YouTube (`watch?v=7DAPd5MGodY`) played without engaging the v4l2_request driver at all — no `cap_pool_init`, no `/dev/video1` activity. Likely cause: YouTube negotiated VP9 or AV1 with FF150 (no `h264ify` extension installed); v4l2_request only handles H.264, so libva isn't dispatched. This is unrelated to Track F — a codec-negotiation issue, not a sandbox issue. The H.264-only fixture (`bbb_1080p30_h264.mp4` direct file URL) bypasses YouTube's codec negotiation and triggers v4l2_request, which is how the sandbox close was demonstrated.
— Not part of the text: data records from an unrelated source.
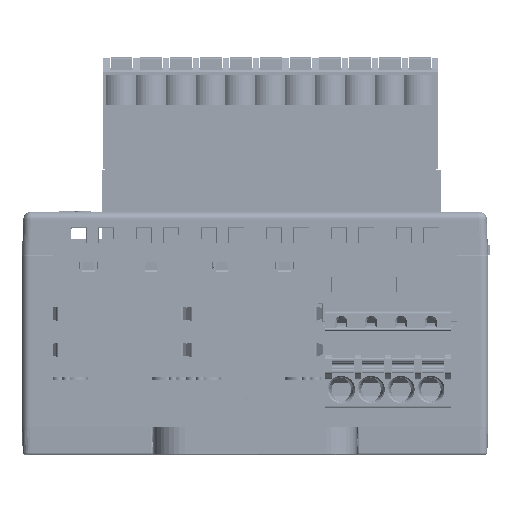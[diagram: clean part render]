
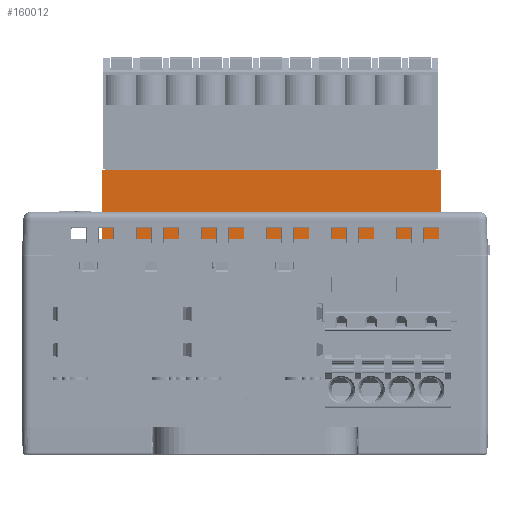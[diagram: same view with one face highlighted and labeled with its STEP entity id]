
A CAD part, front view. The second image highlights one B-rep face of the part: STEP entity #160012.
In plain terms, the highlighted planar face has unit normal (0, -1, 0).
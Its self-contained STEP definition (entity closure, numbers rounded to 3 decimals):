
#42042=DIRECTION('',(1.,0.,0.));
#42043=VECTOR('',#42042,43.3);
#42044=CARTESIAN_POINT('',(-19.55,-19.15,27.5));
#42045=LINE('',#42044,#42043);
#44478=DIRECTION('',(0.,0.,-1.));
#44479=VECTOR('',#44478,8.8);
#44480=CARTESIAN_POINT('',(23.75,-19.15,36.3));
#44481=LINE('',#44480,#44479);
#44486=DIRECTION('',(0.,0.,-1.));
#44487=VECTOR('',#44486,8.8);
#44488=CARTESIAN_POINT('',(-19.55,-19.15,36.3));
#44489=LINE('',#44488,#44487);
#44490=DIRECTION('',(-1.,0.,0.));
#44491=VECTOR('',#44490,43.3);
#44492=CARTESIAN_POINT('',(23.75,-19.15,36.3));
#44493=LINE('',#44492,#44491);
#57912=CARTESIAN_POINT('',(-19.55,-19.15,36.3));
#57914=VERTEX_POINT('',#57912);
#57918=CARTESIAN_POINT('',(23.75,-19.15,36.3));
#57919=VERTEX_POINT('',#57918);
#72562=CARTESIAN_POINT('',(-19.55,-19.15,27.5));
#72564=VERTEX_POINT('',#72562);
#72565=CARTESIAN_POINT('',(23.75,-19.15,27.5));
#72566=VERTEX_POINT('',#72565);
#160000=CARTESIAN_POINT('',(2.1,-19.15,31.7));
#160001=DIRECTION('',(0.,1.,0.));
#160002=DIRECTION('',(1.,0.,0.));
#160003=AXIS2_PLACEMENT_3D('',#160000,#160001,#160002);
#160004=PLANE('',#160003);
#160005=ORIENTED_EDGE('',*,*,#156157,.F.);
#160006=ORIENTED_EDGE('',*,*,#159946,.F.);
#160008=ORIENTED_EDGE('',*,*,#160007,.F.);
#160009=ORIENTED_EDGE('',*,*,#159985,.T.);
#160010=EDGE_LOOP('',(#160005,#160006,#160008,#160009));
#160011=FACE_OUTER_BOUND('',#160010,.F.);
#160012=ADVANCED_FACE('',(#160011),#160004,.F.);
#156157=EDGE_CURVE('',#72564,#72566,#42045,.T.);
#159946=EDGE_CURVE('',#57914,#72564,#44489,.T.);
#159985=EDGE_CURVE('',#57919,#72566,#44481,.T.);
#160007=EDGE_CURVE('',#57919,#57914,#44493,.T.);

### New iter6 candidate — Firefox VIDIOC_QBUF EINVAL on first frame
A driver-level issue surfaced post-sandbox-fix: with the v4l2_request driver loaded (cap_pool_init succeeds), Firefox's libva path issues a single `VIDIOC_QBUF` that returns EINVAL on what appears to be the first frame. `mpv --hwdec=vaapi-copy` decoded 2000 frames clean on the same iter5-end driver build (sha `4bed52ec5d44b389…`); only Firefox triggers this. Likely consumer-specific: Firefox's media stack feeds the driver differently than mpv (different VAEncodedSlice ordering, VAImage usage pattern, surface handle lifecycle, etc.).
Logged as iter6 candidate. Track A's frame-11 EINVAL fix was about per-frame request_fd lifecycle and DPB FFmpeg-semantics matching — this looks earlier (init-phase, not frame 11), so likely a different root cause. Diagnosis would start with strace on the Firefox Utility process during initial QBUF, capture the exact `v4l2_buffer` struct payload, compare against what mpv sends.
This does not retract the iter5 sweep's GREEN verdict — the per-consumer divergence reinforces the Phase 5 sonnet caveat ("sweep-completion verification needs to exercise EVERY consumer code path") that's already documented as a process lesson.